Designing a Myelinated Neuron

  • Here again is the simulation of a myelinated neuron:
  • Question 6. In the previous session, we looked at the role of myelination, but we did not determine whether or not the actual length of the myelinated section (the internode) was optimal for increasing the conduction velocity. Design an optimal internode length. If you are more ambitious, see if you can determine a general principle for what this length should be as the diameter of the axon changes.

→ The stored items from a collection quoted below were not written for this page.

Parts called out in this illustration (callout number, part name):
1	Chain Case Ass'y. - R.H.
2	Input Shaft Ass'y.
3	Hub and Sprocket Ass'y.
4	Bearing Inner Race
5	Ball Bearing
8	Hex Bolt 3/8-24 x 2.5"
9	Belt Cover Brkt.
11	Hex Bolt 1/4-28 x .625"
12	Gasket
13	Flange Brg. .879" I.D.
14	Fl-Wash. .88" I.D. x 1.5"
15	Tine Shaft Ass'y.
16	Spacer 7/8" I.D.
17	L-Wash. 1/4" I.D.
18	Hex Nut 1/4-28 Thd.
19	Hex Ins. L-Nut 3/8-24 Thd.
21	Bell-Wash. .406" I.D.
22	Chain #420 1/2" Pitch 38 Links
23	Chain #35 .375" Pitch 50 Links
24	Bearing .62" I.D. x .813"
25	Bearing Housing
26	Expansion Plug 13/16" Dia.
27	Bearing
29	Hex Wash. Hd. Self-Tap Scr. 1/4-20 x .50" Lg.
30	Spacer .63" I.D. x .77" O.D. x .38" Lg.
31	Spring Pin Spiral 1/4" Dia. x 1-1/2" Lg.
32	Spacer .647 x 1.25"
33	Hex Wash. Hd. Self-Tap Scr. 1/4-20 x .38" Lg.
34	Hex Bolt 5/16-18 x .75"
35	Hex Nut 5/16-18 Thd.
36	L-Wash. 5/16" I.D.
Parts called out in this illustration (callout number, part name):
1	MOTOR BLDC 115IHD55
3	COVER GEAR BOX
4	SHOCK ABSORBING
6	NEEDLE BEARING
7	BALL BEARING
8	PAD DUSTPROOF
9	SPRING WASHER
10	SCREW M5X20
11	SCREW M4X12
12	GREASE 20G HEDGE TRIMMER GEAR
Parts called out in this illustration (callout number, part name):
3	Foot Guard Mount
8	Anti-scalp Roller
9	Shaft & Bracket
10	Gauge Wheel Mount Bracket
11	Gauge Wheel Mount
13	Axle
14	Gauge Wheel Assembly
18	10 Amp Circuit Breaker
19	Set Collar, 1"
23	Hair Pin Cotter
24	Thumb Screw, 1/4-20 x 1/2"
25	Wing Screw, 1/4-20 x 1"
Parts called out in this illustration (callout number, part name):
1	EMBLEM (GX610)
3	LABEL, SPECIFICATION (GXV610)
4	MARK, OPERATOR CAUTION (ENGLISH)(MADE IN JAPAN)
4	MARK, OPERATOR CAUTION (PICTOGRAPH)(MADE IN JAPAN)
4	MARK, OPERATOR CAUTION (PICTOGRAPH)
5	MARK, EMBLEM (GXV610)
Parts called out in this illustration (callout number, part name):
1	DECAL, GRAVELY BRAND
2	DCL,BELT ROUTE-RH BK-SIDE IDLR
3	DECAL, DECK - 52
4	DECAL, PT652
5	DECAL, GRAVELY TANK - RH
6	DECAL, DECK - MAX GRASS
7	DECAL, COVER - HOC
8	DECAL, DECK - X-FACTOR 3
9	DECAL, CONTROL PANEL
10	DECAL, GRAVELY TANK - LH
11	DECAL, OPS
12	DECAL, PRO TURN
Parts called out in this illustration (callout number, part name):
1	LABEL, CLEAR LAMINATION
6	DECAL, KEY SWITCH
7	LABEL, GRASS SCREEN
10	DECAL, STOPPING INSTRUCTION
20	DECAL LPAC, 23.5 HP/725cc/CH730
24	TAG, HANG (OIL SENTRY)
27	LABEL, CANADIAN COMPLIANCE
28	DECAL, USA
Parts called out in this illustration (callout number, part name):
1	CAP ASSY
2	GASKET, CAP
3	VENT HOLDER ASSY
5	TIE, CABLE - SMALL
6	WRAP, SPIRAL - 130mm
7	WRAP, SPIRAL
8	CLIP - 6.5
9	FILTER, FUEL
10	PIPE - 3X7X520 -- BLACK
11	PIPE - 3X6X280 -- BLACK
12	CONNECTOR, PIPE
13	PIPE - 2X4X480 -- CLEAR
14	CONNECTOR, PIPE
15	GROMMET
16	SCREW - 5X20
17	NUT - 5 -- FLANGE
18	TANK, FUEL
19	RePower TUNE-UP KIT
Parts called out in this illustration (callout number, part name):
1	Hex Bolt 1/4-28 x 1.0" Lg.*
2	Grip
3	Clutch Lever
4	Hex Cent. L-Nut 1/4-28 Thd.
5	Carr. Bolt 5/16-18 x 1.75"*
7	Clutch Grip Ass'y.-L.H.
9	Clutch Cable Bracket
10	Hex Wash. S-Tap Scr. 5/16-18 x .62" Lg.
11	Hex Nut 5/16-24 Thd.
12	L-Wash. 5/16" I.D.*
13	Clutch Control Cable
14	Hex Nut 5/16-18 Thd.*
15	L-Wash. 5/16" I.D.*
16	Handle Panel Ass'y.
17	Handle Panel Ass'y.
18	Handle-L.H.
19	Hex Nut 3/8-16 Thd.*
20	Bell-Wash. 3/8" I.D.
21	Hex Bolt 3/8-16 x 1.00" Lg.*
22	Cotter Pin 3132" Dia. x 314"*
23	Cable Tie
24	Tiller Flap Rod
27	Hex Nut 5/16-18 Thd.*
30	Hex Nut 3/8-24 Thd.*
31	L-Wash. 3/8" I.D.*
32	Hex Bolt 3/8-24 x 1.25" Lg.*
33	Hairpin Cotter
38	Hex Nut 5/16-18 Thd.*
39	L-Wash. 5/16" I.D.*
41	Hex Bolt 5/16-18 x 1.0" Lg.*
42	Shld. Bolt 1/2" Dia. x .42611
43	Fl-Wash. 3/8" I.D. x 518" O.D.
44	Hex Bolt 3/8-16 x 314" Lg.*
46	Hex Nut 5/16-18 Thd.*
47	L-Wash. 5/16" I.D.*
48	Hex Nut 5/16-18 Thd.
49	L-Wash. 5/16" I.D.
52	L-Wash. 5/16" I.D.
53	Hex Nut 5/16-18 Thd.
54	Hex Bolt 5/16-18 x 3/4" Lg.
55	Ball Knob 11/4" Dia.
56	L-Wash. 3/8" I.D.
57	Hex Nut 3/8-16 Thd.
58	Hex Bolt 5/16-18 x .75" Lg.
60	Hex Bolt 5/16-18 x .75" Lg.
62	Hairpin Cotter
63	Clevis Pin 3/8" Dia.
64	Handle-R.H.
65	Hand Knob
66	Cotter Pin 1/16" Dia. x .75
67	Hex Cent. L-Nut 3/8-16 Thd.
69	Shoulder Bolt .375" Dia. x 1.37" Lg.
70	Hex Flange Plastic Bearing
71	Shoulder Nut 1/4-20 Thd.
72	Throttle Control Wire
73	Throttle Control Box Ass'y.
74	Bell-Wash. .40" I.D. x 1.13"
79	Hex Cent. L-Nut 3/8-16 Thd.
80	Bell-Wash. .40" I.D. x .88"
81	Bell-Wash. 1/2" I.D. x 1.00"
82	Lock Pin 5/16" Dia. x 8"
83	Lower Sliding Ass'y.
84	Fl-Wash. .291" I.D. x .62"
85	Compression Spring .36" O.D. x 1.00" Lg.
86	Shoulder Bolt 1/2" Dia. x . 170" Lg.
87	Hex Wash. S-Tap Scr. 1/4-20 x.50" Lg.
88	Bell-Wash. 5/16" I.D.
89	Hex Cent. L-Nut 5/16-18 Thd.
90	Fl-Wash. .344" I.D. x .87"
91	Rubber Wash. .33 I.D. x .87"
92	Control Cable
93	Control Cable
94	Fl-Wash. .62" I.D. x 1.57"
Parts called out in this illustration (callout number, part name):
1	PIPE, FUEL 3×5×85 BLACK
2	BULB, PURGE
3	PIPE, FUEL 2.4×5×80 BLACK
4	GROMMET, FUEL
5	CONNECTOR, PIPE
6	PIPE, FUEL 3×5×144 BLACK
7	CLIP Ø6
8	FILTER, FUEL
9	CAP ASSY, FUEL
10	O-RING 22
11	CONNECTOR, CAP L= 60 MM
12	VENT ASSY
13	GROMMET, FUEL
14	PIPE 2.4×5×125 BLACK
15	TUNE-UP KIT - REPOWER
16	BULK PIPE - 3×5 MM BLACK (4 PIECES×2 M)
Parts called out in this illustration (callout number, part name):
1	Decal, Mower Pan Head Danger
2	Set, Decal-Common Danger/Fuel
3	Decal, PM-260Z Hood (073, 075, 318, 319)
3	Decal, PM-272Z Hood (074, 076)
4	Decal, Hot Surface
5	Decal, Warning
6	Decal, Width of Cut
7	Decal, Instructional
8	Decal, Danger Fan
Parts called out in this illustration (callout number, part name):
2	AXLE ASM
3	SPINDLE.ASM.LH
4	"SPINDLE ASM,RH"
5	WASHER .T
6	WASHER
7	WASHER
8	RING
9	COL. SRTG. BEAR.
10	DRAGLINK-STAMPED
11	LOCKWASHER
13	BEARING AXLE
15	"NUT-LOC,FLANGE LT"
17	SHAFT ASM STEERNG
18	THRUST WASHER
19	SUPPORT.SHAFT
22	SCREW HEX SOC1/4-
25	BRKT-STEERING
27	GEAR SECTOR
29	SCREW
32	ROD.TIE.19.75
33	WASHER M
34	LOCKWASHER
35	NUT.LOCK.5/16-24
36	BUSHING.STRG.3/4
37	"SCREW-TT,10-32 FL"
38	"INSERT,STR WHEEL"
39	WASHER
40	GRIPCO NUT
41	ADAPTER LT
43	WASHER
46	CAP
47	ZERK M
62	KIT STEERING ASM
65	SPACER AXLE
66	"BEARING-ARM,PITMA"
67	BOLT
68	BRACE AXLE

    • Run the simulation with the default Axon diameter (2 \mu m) and Internodal distance (6000 \mu m). Find the time of the peak of the action potential in the first node (i.e., the one prior to the internode), and the peak of the action potential in the second node (i.e., the one after the internode). Use the zoom feature (click and drag) to get accurate measurements.
    • Compute the conduction velocity as you did before for this simulation. Make sure that you report the results in meters per second (this will require some conversion factors). Note that since the electrodes are placed at the beginning of the first node and the end of the second node, you need to add 200 \mu m to the total length, so that the total travel distance for the propagating action potential is 6200 \mu m.
    • Now systematically shorten the internode length, computing the conduction velocity, and then systematically increase its length, computing the conduction velocity. What Internodal distance maximizes the conduction velocity? Make sure to plot your data.
    • Change the Axon diameters of both the two nodes and the internode to 1 \mu m, and repeat your analysis. Repeat your analysis again using diameters of 0.5 \mu m. Make sure to plot your data and superimpose your plots.
    • Is there a general pattern? Please describe it as clearly as you can.